In the past few weeks I’ve read a lot of posts saying “SaaS is dead” or “open source is dead” because AI coding tools can help you build software quickly.
It’s true that making a quick prototype is cheaper than ever. But I think these conclusions miss a big point: when software becomes easier to build for everyone, it also becomes easier for the teams who already build software products and open‑source projects. The advantage doesn't go away—it just moves. And the most valuable part of building software was never just writing code.
Building fast vs. building well
Today, you can ask a generative AI to write code and get a basic feature running in minutes. That’s exciting. But a working demo is not the same as a product you can rely on.

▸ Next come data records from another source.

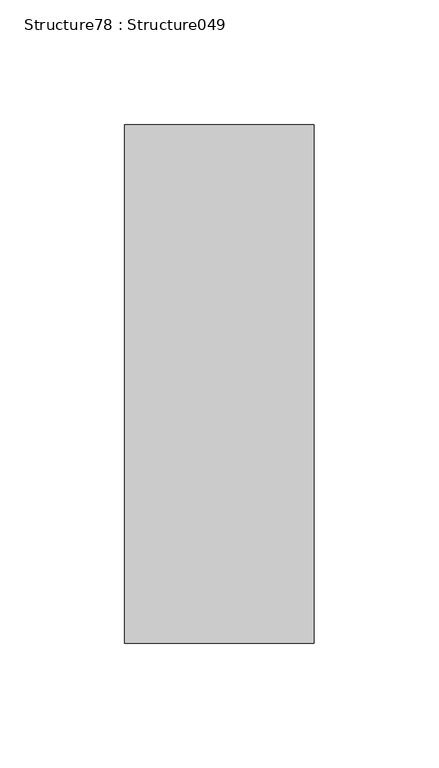
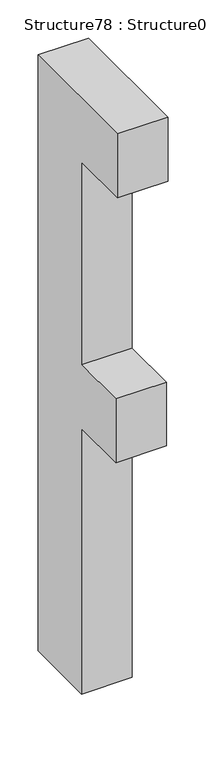
"""IFC4 building model written with IfcOpenShell, lengths in millimetres: proxy geometry, Structure78 : Structure049."""

from ifc_helpers import new_model, si_unit, frame, origin, place, context, project, spatial, polyline, outline, extrude, source, transform, mapped, element, save


def structure78_structure049_54f57d29(model_context):
    return source(origin(), model_context, "Body", "SweptSolid", [
        extrude(outline(polyline([(283060.9454638, 4480.4419946), (283060.9454638, 3528.5825142), (282946.7093274, 3528.5825142), (282946.7093274, 3952.8367913), (282856.9560968, 3952.8367913), (282856.9560968, 4054.8292705), (282946.7093274, 4054.8292705), (282946.7093274, 4378.4602217), (282852.888943, 4378.4602217), (282852.888943, 4480.4419946), (283060.9454638, 4480.4419946)])), frame((-59031.6926606, 0.0, 0.0), z_axis=(1.0, 0.0, 0.0), x_axis=(0.0, 1.0, 0.0)), (0.0, 0.0, 1.0), 76.2),
    ])


if __name__ == "__main__":
    model = new_model("IFC4")
    model_context = context("Model", 3, world=origin())
    ifc_project = project(units=[si_unit("LENGTHUNIT", "METRE", prefix="MILLI")], contexts=[model_context])
    site = spatial("IfcSite", under=ifc_project)
    building = spatial("IfcBuilding", under=site)
    placement = place(None, origin())
    structure78_structure049_shape = structure78_structure049_54f57d29(model_context)
    element("IfcBuildingElementProxy", 1, Name="Structure78 : Structure049", ObjectType="Structure78 : Structure049", at=placement, inside=building, context=model_context, shape_type="MappedRepresentation", body=[
        mapped(structure78_structure049_shape, transform((0.0, 0.0, 0.0), x_axis=(1.0, 0.0, 0.0), y_axis=(0.0, 1.0, 0.0), z_axis=(0.0, 0.0, 1.0))),
    ])
    save(model, "model.ifc")

# Revit data of these elements
# Type "Structure78 : Structure049"
#   NameOverride = "Structure049"
# Element 1 (IfcBuildingElementProxy, "Structure78 : Structure049")
#   Materials on its faces: "BRUSHED ALUM. LETTERING"
# Materials
#   "BRUSHED ALUM. LETTERING": class "Unassigned", colour RGB 169 181 186, transparency 0, Cost = 0
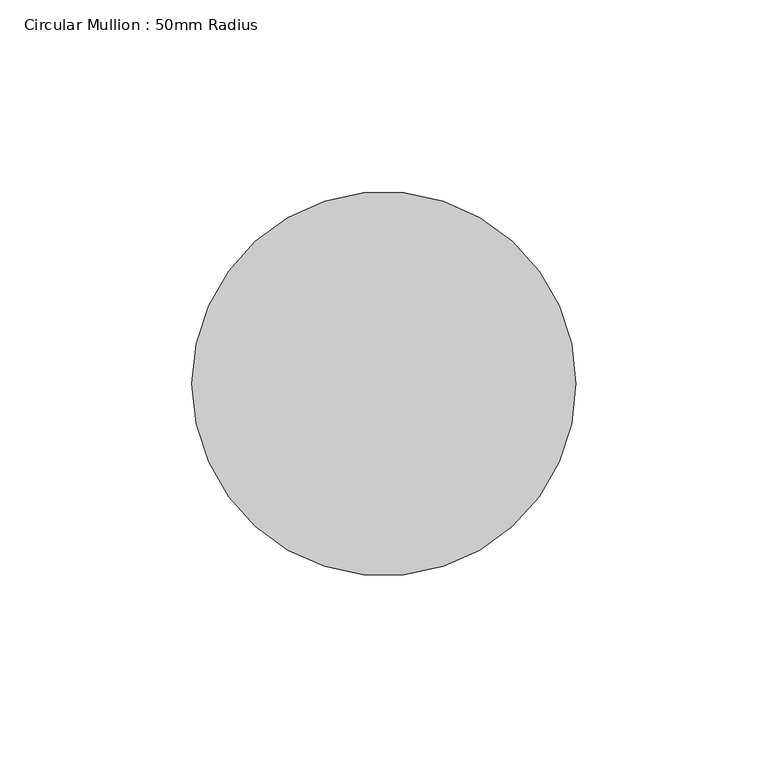
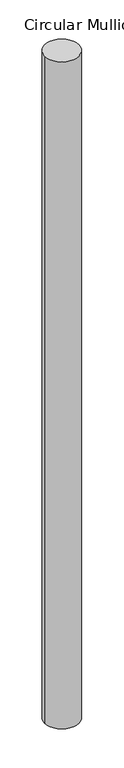
"""IFC4 building model written with IfcOpenShell, lengths in millimetres: member geometry, Circular Mullion : 50mm Radius."""

from ifc_helpers import new_model, si_unit, point, frame, frame_2d, origin, place, context, project, spatial, circle_curve, trimmed, segment, composite_curve, outline, extrude, source, transform, mapped, element, save


def circular_mullion_50mm_radius_993f352e(model_context):
    return source(origin(), model_context, "Body", "SweptSolid", [
        extrude(outline(composite_curve([segment(trimmed(circle_curve(frame_2d((-50.0, 0.0)), 50.0), [point((0.0, 0.0))], [point((-100.0, 0.0))], False, "CARTESIAN"), True, "CONTINUOUS"), segment(trimmed(circle_curve(frame_2d((-50.0, 0.0)), 50.0), [point((-100.0, 0.0))], [point((0.0, 0.0))], False, "CARTESIAN"), True, "CONTINUOUS")], self_intersect=False)), frame((0.0, 0.0, -2050.6614912), z_axis=(0.0, 0.0, 1.0), x_axis=(1.0, 0.0, 0.0)), (0.0, 0.0, 1.0), 2050.6614912),
    ])


if __name__ == "__main__":
    model = new_model("IFC4")
    model_context = context("Model", 3, world=origin())
    ifc_project = project(units=[si_unit("LENGTHUNIT", "METRE", prefix="MILLI")], contexts=[model_context])
    site = spatial("IfcSite", under=ifc_project)
    building = spatial("IfcBuilding", under=site)
    placement = place(None, origin())
    circular_mullion_50mm_radius_shape = circular_mullion_50mm_radius_993f352e(model_context)
    element("IfcMember", 1, ObjectType="Circular Mullion : 50mm Radius", at=placement, inside=building, context=model_context, shape_type="MappedRepresentation", body=[
        mapped(circular_mullion_50mm_radius_shape, transform((0.0, 0.0, 0.0), x_axis=(1.0, 0.0, 0.0), y_axis=(0.0, 1.0, 0.0), z_axis=(0.0, 0.0, 1.0))),
    ])
    save(model, "model.ifc")

# Revit data of these elements
# Type "Circular Mullion : 50mm Radius"
#   built-in parameter 1007350 = 0.164042 (stored number, unit not read)
# Element 1 (IfcMember, "Circular Mullion : 50mm Radius")
#   Materials on its faces: "Aluminium"
# Materials
#   "Aluminium": class "Metal", colour RGB 247 247 247, transparency 0, Description = "Aluminium 6061", Cost = 0

Developers spend less than one‑fifth of their day writing code. Most of their time goes into planning, testing, documenting, fixing bugs, and handling performance or security issues. After you launch a system, keeping it running is even more expensive. Most software costs come from maintenance and updates, not writing the code.
AI will make some of this work faster, but it won’t replace it. Shipping code is one thing; building and maintaining a reliable system over time is the real work.
Free code isn’t free to own
Open source has already shown us what happens when code is “free.” For years you’ve been able to download and host your own databases, web servers, or monitoring tools. Yet many companies still pay for SaaS versions of those tools. Why? Because they don’t want to worry about updates, patches, security and on‑call support.
Even though the code costs nothing, running and supporting it takes time and expertise. AI will reduce effort in some areas—maybe it will help with upgrades or basic troubleshooting—but it won’t change the core truth: owning software is more than just writing it.
Advantages shift, they don’t disappear
The claim that SaaS will die assumes that AI levels the playing field so much that everyone will build their own tools.
In reality, easier development means professional software teams can move faster too. They can release features more often, improve their interfaces and reduce costs.
Open‑source communities will also benefit. Automated tests, security scanners, and AI assistants will lower the barrier to contributing and maintaining projects.
The advantage shifts to those who can combine AI tools with real‑world domain knowledge and good architecture.
Building better software for infrastructure management with AI
At OpsMill, we’re building Infrahub because we believe infrastructure automation still has a long way to go. Many infrastructure projects today are under‑maintained, and there’s a big gap in tools that are easy to understand and integrate.
The ability to build software faster is an incredible opportunity for our industry, but it still takes a lot of knowledge to know what to build and how to maintain it.
Our vision is to provide building blocks that teams can trust—unifying documentation, configurations, and automation so you don’t have to reinvent the wheel every time. AI agents will help assemble these blocks, but reliable systems will still come from a combination of human expertise and well‑maintained services.
In short, AI isn't killing SaaS or open source. It’s making it easier to build more software.
The winners will be the teams who use these new tools to create stronger, more reliable products and this is exactly what we're working on at OpsMill. I’m excited that we’ll be able to ship features even faster in the future because we have a lot of ideas that we want to turn into production-ready software.